17 Kasım 2013 Pazar

Paravan Cemaat: Gülen Hareketi

Twitter’dan sonra buraya da yazmaya karar verdim, bu benim şahsi tepkimdir; çünkü buna tepkisiz kalamam. 

Gülen Hareketi, Müslümanlardan ayrı yoldadır. Aksini düşünenler aşağıda yazdıklarımı katiyen okumasın. Kimseyi buna inandırmaya niyetim yok. Gülen Hareketi’ni hiçbir zaman sevmedim. Kendini Müslüman addedenlerden sevmediğim tek topluluktur.

Gülen Hareketi'nin "Müslüman cemaati" olup olmamasının tartışıldığı dönemden sonra Hüseyin Gülerce'nin "İslami değil, insani" açıklaması, karışıklığa noktayı koymuş; hareketin Allah rızası için yapılmasından ziyade, hümanizm, dünya birliği, farklı dinlerle aynı görüş için var olduğunu netleştirmişti.
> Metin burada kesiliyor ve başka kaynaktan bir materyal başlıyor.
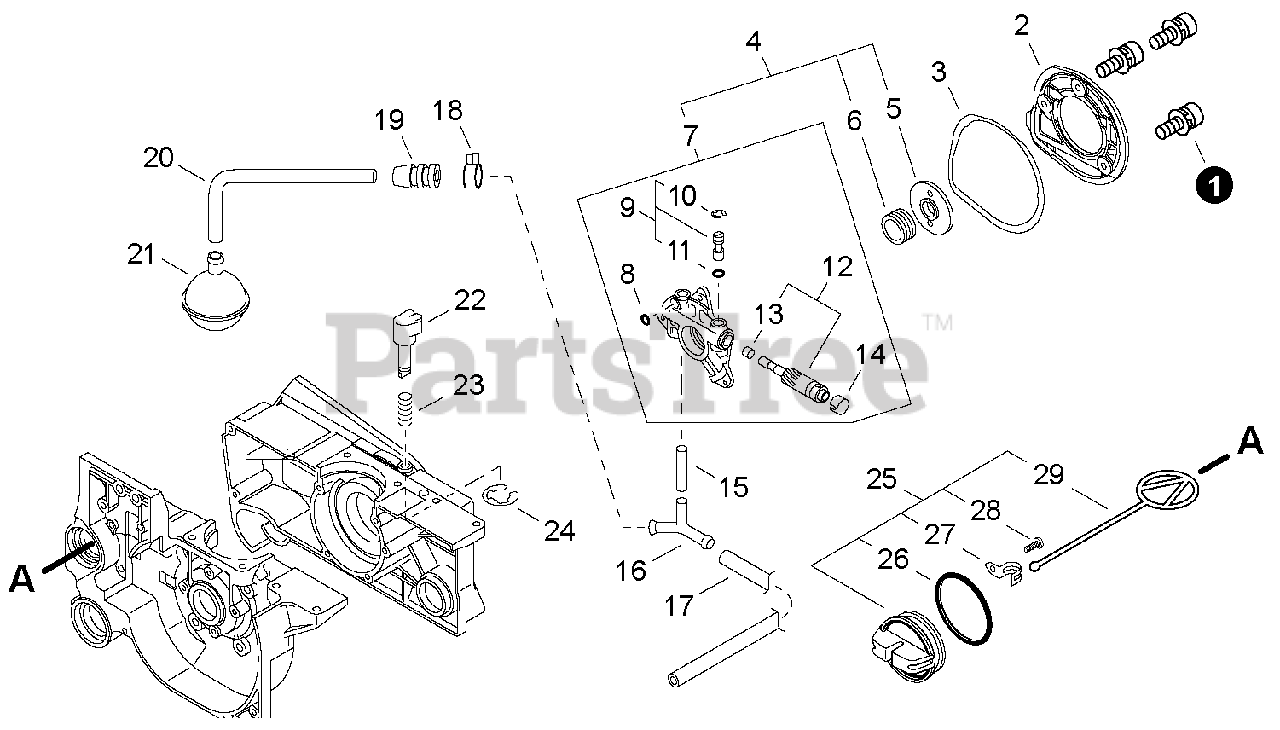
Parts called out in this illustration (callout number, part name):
1	BOLT 4×12
2	COVER, OILER
3	GASKET, OILER COVER
4	AUTO-OILER KIT
5	WASHER 12
6	GEAR, WORM
7	AUTO-OILER ASSY
8	O-RING 3
9	PIN ASSY, CONTROL
12	PLUNGER KIT
14	CAP, PLUNGER
15	PIPE, OIL 3×6×20
16	CONNECTOR, PIPE
17	PIPE, FUEL 3×6×200
18	CLIP Ø6.5 MM
20	PIPE, OIL
21	FILTER, OIL
24	E-RING 3
25	CAP ASSY, OIL
27	RETAINER, CONNECTOR
28	SCREW, TAPPING 3×8
29	CONNECTOR, CAP L= 60 MM
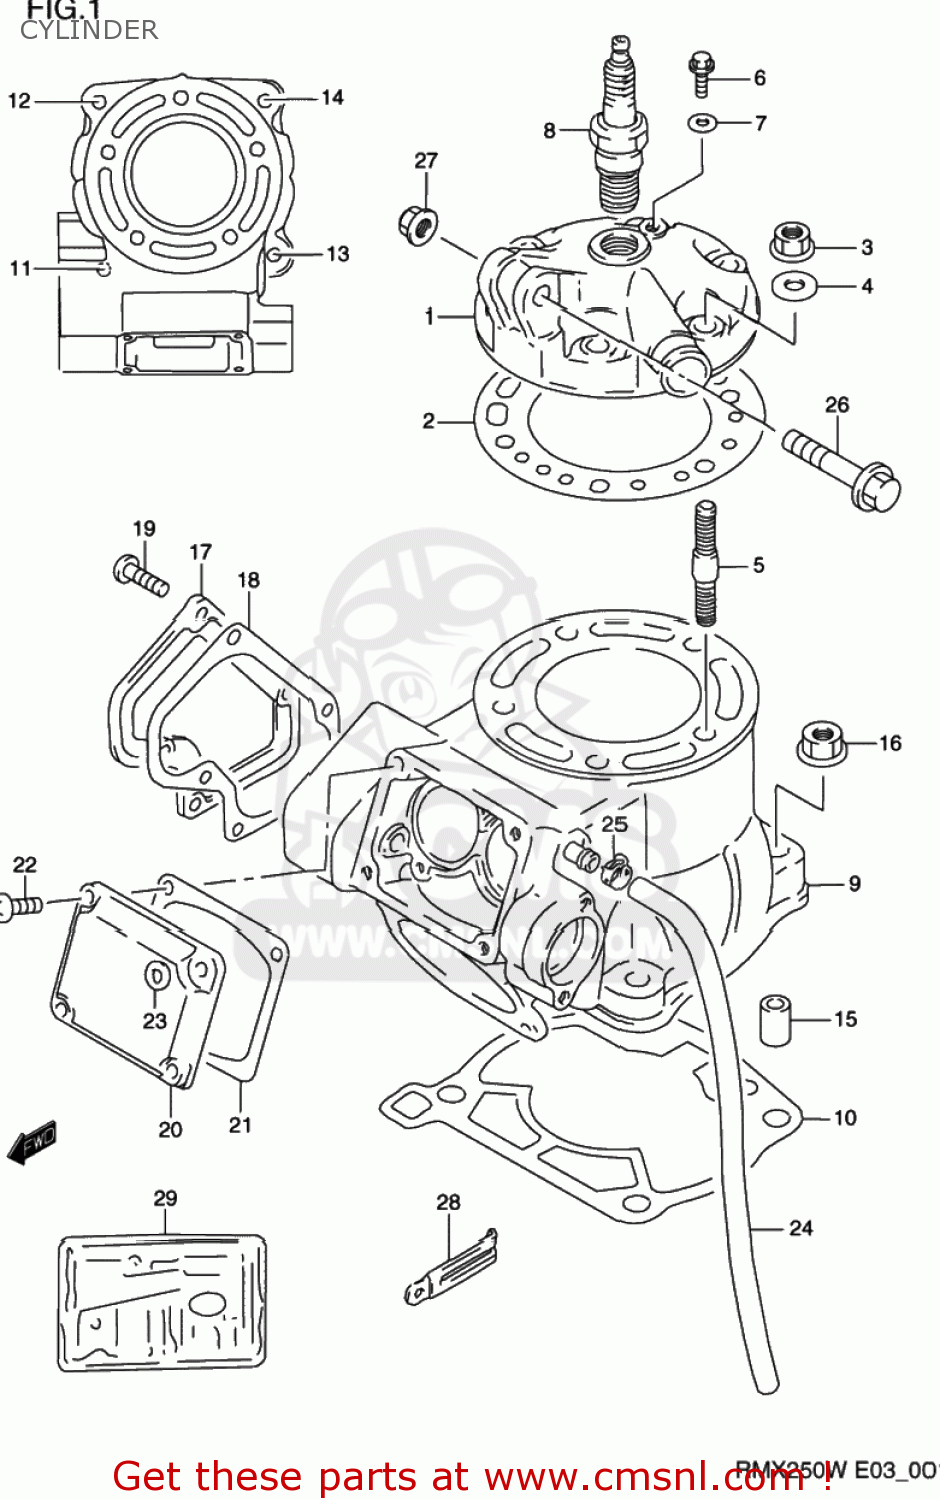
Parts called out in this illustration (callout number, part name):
1	HEAD,CYLINDER
2	GASKET,CYLINDER HEAD
3	NUT
4	WASHER(8.5X19X2.3)
5	BOLT,STUD
6	UNION
7	GASKET(6.2X11X1).2 (NAS)
8	SPARK PLUG BR9EV
9	CYLINDER SET
10	GASKET,CYLINDER (NAS)
11	STUD 10X30
12	STUD BOLT
13	STUD BOLT (L:40)
14	BOLT,STUD
15	PIN(13X10.4X20)
16	NUT
17	COVER,CYLINDER NO.1
18	GASKET,CYL COVER NO.1 (NAS)
19	BOLT
20	COVER,CYLINDER NO.2
21	GASKET,CYLINDER COVER NO.2 (NAS)
22	SCREW
23	GASKET(5.3X9.3X1.2) (NAS)
24	HOSE
25	CLIP
26	BOLT(8X45)
27	NUT
28	CLAMP(L:45)
29	GASKET SET (NAS)

2 gün içinde dersanelerin kapatılması meselesi gündeme geldi. Cemaatin basın-yayın kolunun ve Gülen'in, dershaneler konusunda gösterdiği tüm çabalar, itirazlar, açıklamalar, yaftalamalar ve duyurulardan sonra aşikâr biçimde din istismarı yapıldığı görüldü. İslami değil, insani hareket oldukları açıklanan "PARAvan Cemaat", bugün dershaneler kapatılıyor diye bütün eğitim altyapısını dine bağladı.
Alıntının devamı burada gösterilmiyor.